Plan to reassess “potentially distorting” Small Business Bonus Scheme were among several positive proposals described by RICS Scotland as “a welcome addition to the debate” surrounding Scotland’s competitiveness in the global marketplace.

Gail Hunter

Gail Hunter

RICS Scotland director, Gail Hunter, said: “This report has been keenly anticipated by the sector, and there are a number of recommendations which can be implemented quickly and with relative ease, giving breathing space for many rate payers

“When this review was announced, RICS expressed concerns over the stated aim to ensure recommendations were revenue neutral. RICS did not believe this was the correct approach, on the basis that the Scottish Government does not base this position on meeting any costs from policy changes in relation to other types of taxes.

“Throughout the report, there is recognition of the professionalism of rating practitioners and assessors in Scotland, which RICS strongly supports.

“RICS looks forward to hearing the thoughts of the Scottish Government and, in particular, from the Finance Secretary, who, having made changes to the non-domestic rates regime in the Scottish Budget last year, pledged to move quickly on the report’s recommendations.”

Hew Edgar

Hew Edgar

Policy manager Hew Edgar added: “The publication of this report is a welcome addition to the debate surrounding business rates.
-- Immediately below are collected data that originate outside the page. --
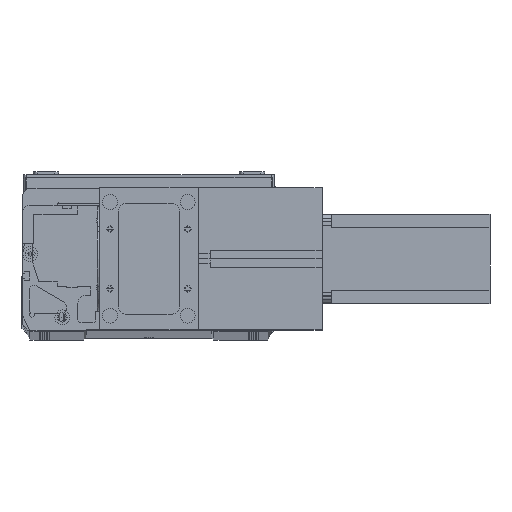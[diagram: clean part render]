
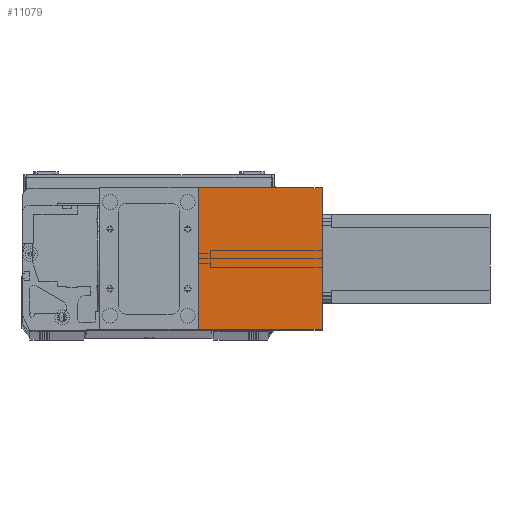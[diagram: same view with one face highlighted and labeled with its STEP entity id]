
A CAD part, top view. The second image highlights one B-rep face of the part: STEP entity #11079.
In plain terms, the highlighted planar face has unit normal (0, 0, 1) as drawn and (1, 0, 0) by its records, which use the part's own axes.
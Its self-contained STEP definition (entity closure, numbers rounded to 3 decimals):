
#1379 = FACE_OUTER_BOUND ( 'NONE', #20934, .T. ) ;
#1480 = LINE ( 'NONE', #22110, #26922 ) ;
#1495 = ORIENTED_EDGE ( 'NONE', *, *, #4911, .T. ) ;
#1886 = DIRECTION ( 'NONE',  ( 0., 0., -1. ) ) ;
#2417 = EDGE_CURVE ( 'NONE', #4429, #28316, #30492, .T. ) ;
#2797 = DIRECTION ( 'NONE',  ( 0., 0., -1. ) ) ;
#2962 = EDGE_CURVE ( 'NONE', #28316, #8954, #3668, .T. ) ;
#3076 = CARTESIAN_POINT ( 'NONE',  ( 82., 95., 83. ) ) ;
#3238 = CARTESIAN_POINT ( 'NONE',  ( 82., 95., 0. ) ) ;
#3668 = LINE ( 'NONE', #4302, #16109 ) ;
#4302 = CARTESIAN_POINT ( 'NONE',  ( 82., 95., 83. ) ) ;
#4429 = VERTEX_POINT ( 'NONE', #30482 ) ;
#4911 = EDGE_CURVE ( 'NONE', #22048, #8954, #15978, .T. ) ;
#6125 = CARTESIAN_POINT ( 'NONE',  ( 82., 0., 0. ) ) ;
#7424 = DIRECTION ( 'NONE',  ( 0., 1., 0. ) ) ;
#8635 = VECTOR ( 'NONE', #18160, 1000. ) ;
#8954 = VERTEX_POINT ( 'NONE', #3238 ) ;
#9169 = EDGE_CURVE ( 'NONE', #4429, #22048, #1480, .T. ) ;
#10568 = AXIS2_PLACEMENT_3D ( 'NONE', #29939, #28434, #28255 ) ;
#11079 = ADVANCED_FACE ( 'NONE', ( #1379 ), #28687, .F. ) ;
#13514 = ORIENTED_EDGE ( 'NONE', *, *, #9169, .T. ) ;
#15978 = LINE ( 'NONE', #18167, #8635 ) ;
#16109 = VECTOR ( 'NONE', #2797, 1000. ) ;
#18160 = DIRECTION ( 'NONE',  ( 0., 1., 0. ) ) ;
#18167 = CARTESIAN_POINT ( 'NONE',  ( 82., 0., 0. ) ) ;
#19412 = ORIENTED_EDGE ( 'NONE', *, *, #2962, .F. ) ;
#20934 = EDGE_LOOP ( 'NONE', ( #1495, #19412, #22061, #13514 ) ) ;
#22048 = VERTEX_POINT ( 'NONE', #6125 ) ;
#22061 = ORIENTED_EDGE ( 'NONE', *, *, #2417, .F. ) ;
#22110 = CARTESIAN_POINT ( 'NONE',  ( 82., 0., 83. ) ) ;
#26922 = VECTOR ( 'NONE', #1886, 1000. ) ;
#28255 = DIRECTION ( 'NONE',  ( 0., 0., 1. ) ) ;
#28316 = VERTEX_POINT ( 'NONE', #3076 ) ;
#28434 = DIRECTION ( 'NONE',  ( -1., 0., 0. ) ) ;
#28687 = PLANE ( 'NONE',  #10568 ) ;
#28705 = CARTESIAN_POINT ( 'NONE',  ( 82., 0., 83. ) ) ;
#29740 = VECTOR ( 'NONE', #7424, 1000. ) ;
#29939 = CARTESIAN_POINT ( 'NONE',  ( 82., 0., 83. ) ) ;
#30482 = CARTESIAN_POINT ( 'NONE',  ( 82., 0., 83. ) ) ;
#30492 = LINE ( 'NONE', #28705, #29740 ) ;
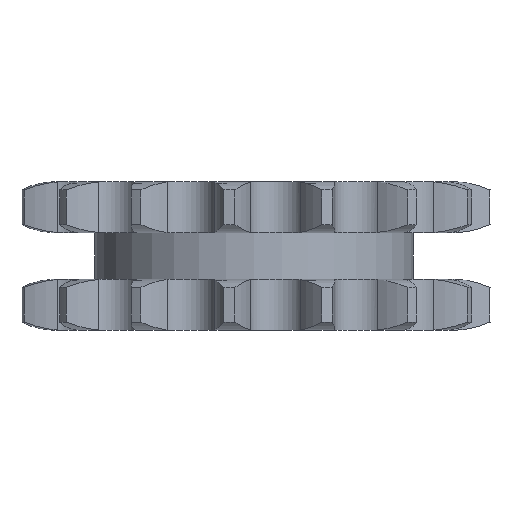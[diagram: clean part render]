
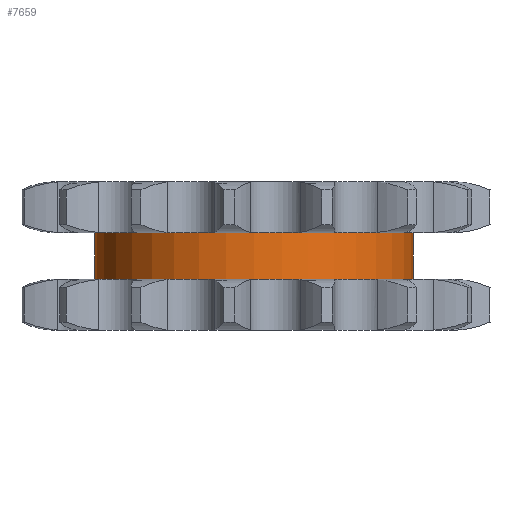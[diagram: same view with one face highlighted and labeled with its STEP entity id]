
A CAD part, left-side view. The second image highlights one B-rep face of the part: STEP entity #7659.
In plain terms, the highlighted cylindrical face has radius 22.542 mm (diameter 45.084 mm), a partial arc.
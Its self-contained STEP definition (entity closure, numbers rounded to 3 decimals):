
#1940=DIRECTION('',(0.,0.,-1.));
#1941=VECTOR('',#1940,6.6);
#1942=CARTESIAN_POINT('',(0.,22.542,3.3));
#1943=LINE('',#1942,#1941);
#1947=CARTESIAN_POINT('',(0.,0.,3.3));
#1948=DIRECTION('',(0.,0.,1.));
#1949=DIRECTION('',(0.,1.,0.));
#1950=AXIS2_PLACEMENT_3D('',#1947,#1948,#1949);
#1955=DIRECTION('',(0.,0.,-1.));
#1956=VECTOR('',#1955,6.6);
#1957=CARTESIAN_POINT('',(0.,-22.542,3.3));
#1958=LINE('',#1957,#1956);
#1962=CARTESIAN_POINT('',(0.,0.,-3.3));
#1963=DIRECTION('',(0.,0.,1.));
#1964=DIRECTION('',(0.,1.,0.));
#1965=AXIS2_PLACEMENT_3D('',#1962,#1963,#1964);
#5279=CARTESIAN_POINT('',(0.,22.542,3.3));
#5280=CARTESIAN_POINT('',(0.,22.542,-3.3));
#5281=VERTEX_POINT('',#5279);
#5282=VERTEX_POINT('',#5280);
#5283=CARTESIAN_POINT('',(0.,-22.542,3.3));
#5284=CARTESIAN_POINT('',(0.,-22.542,-3.3));
#5285=VERTEX_POINT('',#5283);
#5286=VERTEX_POINT('',#5284);
#7647=CARTESIAN_POINT('',(0.,0.,3.63));
#7648=DIRECTION('',(0.,0.,-1.));
#7649=DIRECTION('',(0.,-1.,0.));
#7650=AXIS2_PLACEMENT_3D('',#7647,#7648,#7649);
#7651=CYLINDRICAL_SURFACE('',#7650,22.542);
#7652=ORIENTED_EDGE('',*,*,#7637,.F.);
#7653=ORIENTED_EDGE('',*,*,#7627,.T.);
#7654=ORIENTED_EDGE('',*,*,#7641,.T.);
#7656=ORIENTED_EDGE('',*,*,#7655,.F.);
#7657=EDGE_LOOP('',(#7652,#7653,#7654,#7656));
#7658=FACE_OUTER_BOUND('',#7657,.F.);
#7659=ADVANCED_FACE('',(#7658),#7651,.T.);
#1951=CIRCLE('',#1950,22.542);
#1966=CIRCLE('',#1965,22.542);
#7627=EDGE_CURVE('',#5281,#5285,#1951,.T.);
#7637=EDGE_CURVE('',#5281,#5282,#1943,.T.);
#7641=EDGE_CURVE('',#5285,#5286,#1958,.T.);
#7655=EDGE_CURVE('',#5282,#5286,#1966,.T.);

“The proposal to introduce rates relief for extended or improved property may encourage expansion and business growth, while three-yearly revaluations would improve fairness and ensure rateable values are more reflective of market conditions. They would also negate the need for transitional relief.

“RICS has previously highlighted the potential of the Small Business Bonus Scheme (SBBS) to distort markets by offering a benefit to small businesses over others or, in some instances, act as a disincentive for small business owners to grow their business. In light of this, the proposal to review this is welcome, and RICS will participate fully in any such work. We will also undertake a full-scale review of the report’s recommendations and findings, and give feedback next month.”